**Data supplied**.
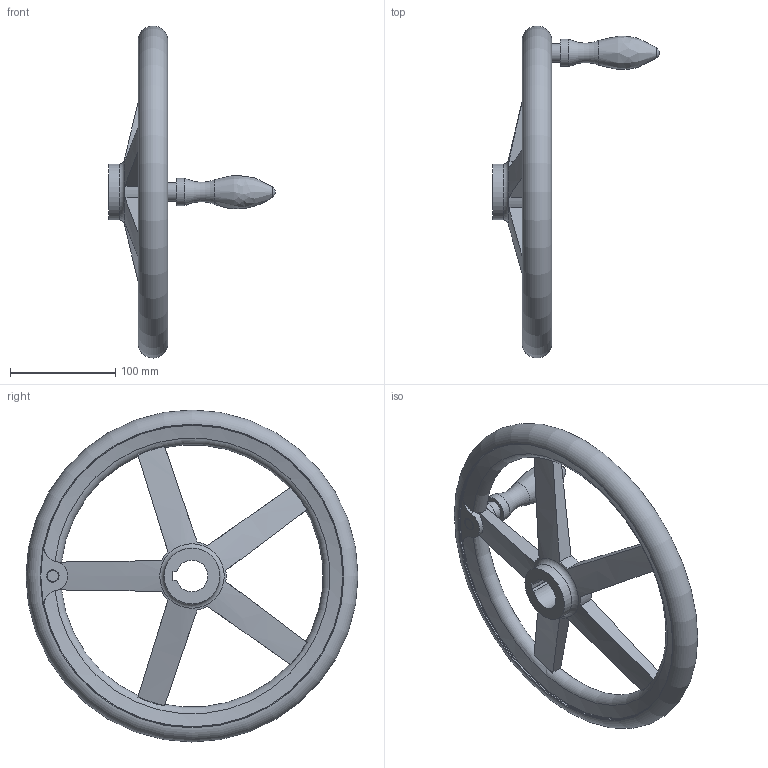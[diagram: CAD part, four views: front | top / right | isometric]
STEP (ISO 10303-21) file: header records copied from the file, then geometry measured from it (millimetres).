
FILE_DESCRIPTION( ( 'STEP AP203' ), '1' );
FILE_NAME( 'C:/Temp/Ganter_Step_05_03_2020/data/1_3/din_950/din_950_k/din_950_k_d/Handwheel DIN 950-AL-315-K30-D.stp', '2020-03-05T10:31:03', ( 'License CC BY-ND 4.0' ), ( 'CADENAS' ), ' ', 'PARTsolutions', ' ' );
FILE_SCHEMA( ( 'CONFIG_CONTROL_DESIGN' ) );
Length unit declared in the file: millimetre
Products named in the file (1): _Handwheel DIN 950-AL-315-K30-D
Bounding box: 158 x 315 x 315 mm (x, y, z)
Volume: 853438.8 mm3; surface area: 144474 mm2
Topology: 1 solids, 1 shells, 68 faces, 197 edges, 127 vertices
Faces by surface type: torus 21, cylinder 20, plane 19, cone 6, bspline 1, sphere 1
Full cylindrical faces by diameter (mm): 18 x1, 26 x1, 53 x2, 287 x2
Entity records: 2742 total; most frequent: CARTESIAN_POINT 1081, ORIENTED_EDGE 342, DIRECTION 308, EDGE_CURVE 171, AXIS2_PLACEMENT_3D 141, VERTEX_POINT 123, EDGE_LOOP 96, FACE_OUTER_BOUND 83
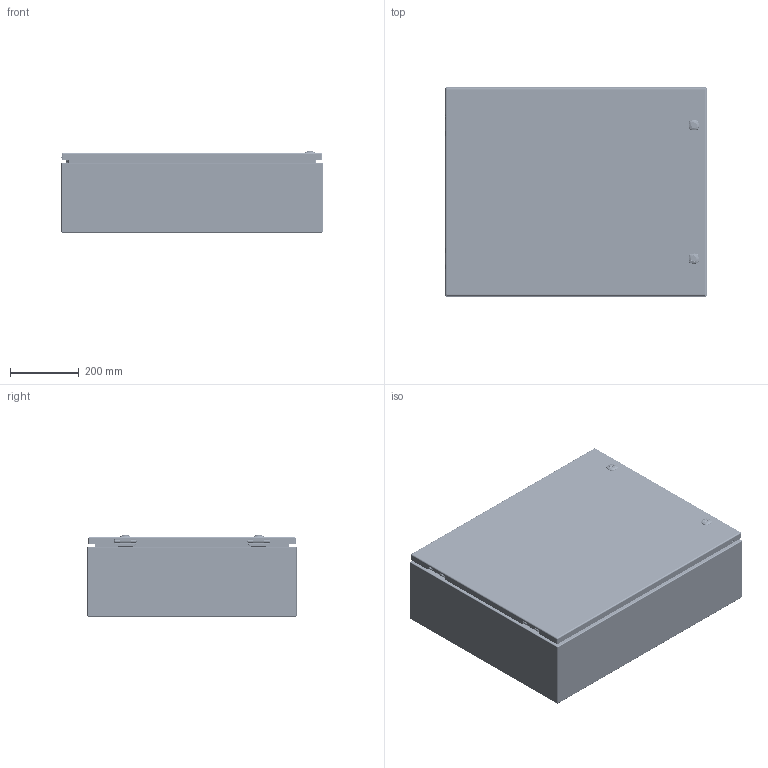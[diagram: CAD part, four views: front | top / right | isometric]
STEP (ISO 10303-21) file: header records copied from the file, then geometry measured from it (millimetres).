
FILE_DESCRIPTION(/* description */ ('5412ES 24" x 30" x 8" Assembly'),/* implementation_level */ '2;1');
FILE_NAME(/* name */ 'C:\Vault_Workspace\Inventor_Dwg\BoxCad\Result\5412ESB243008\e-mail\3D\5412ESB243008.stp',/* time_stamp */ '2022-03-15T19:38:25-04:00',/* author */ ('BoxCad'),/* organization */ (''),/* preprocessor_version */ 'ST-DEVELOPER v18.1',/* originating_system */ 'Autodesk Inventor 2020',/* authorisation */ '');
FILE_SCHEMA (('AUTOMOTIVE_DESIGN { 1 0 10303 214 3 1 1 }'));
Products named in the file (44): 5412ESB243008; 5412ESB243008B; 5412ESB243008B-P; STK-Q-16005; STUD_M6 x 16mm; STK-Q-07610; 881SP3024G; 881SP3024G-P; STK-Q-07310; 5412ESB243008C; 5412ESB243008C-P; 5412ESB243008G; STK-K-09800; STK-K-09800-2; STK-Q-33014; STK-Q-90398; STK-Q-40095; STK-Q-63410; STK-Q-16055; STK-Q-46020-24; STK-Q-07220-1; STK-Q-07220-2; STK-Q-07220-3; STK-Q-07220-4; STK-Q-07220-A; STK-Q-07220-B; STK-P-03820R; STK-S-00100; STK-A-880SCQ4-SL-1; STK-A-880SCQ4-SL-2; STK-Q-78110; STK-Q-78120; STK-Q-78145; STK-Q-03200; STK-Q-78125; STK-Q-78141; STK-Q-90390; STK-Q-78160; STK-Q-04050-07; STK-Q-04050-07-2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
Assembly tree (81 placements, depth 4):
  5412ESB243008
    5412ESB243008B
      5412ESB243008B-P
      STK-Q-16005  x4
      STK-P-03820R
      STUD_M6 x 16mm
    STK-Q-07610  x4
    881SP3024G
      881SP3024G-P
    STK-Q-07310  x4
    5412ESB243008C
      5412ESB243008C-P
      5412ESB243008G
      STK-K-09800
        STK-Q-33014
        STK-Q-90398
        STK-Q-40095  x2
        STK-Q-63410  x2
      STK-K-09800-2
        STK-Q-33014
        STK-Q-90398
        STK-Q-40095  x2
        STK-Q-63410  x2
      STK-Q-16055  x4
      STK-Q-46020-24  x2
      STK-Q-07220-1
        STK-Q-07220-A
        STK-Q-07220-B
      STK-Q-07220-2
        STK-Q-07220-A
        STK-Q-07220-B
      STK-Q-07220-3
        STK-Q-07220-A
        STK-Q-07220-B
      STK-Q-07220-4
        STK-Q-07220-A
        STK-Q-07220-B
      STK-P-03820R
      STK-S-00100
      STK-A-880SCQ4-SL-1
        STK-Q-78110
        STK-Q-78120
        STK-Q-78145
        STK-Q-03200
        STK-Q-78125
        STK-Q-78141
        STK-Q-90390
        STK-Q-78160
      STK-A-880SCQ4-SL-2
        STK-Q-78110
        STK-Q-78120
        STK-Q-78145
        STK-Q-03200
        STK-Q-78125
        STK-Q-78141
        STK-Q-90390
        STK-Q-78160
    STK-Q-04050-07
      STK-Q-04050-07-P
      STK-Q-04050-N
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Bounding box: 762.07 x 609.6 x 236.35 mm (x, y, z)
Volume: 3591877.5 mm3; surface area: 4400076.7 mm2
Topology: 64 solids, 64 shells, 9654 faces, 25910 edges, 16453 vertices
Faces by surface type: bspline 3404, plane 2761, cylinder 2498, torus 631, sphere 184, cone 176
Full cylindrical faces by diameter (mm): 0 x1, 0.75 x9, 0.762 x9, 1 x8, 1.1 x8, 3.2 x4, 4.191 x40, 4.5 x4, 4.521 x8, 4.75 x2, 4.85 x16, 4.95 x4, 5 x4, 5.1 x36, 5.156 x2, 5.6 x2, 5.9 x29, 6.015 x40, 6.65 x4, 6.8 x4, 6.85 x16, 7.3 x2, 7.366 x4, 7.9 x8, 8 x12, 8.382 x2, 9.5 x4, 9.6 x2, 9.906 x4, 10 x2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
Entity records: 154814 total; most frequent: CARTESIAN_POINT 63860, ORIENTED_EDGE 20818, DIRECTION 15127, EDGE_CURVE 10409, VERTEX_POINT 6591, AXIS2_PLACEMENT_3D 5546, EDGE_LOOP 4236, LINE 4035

**Work request**. Search the material above for "total". Copy each line that has it.

**Solution to the exercise**.
Entity records: 2742 total; most frequent: CARTESIAN_POINT 1081, ORIENTED_EDGE 342, DIRECTION 308, EDGE_CURVE 171, AXIS2_PLACEMENT_3D 141, VERTEX_POINT 123, EDGE_LOOP 96, FACE_OUTER_BOUND 83
Entity records: 154814 total; most frequent: CARTESIAN_POINT 63860, ORIENTED_EDGE 20818, DIRECTION 15127, EDGE_CURVE 10409, VERTEX_POINT 6591, AXIS2_PLACEMENT_3D 5546, EDGE_LOOP 4236, LINE 4035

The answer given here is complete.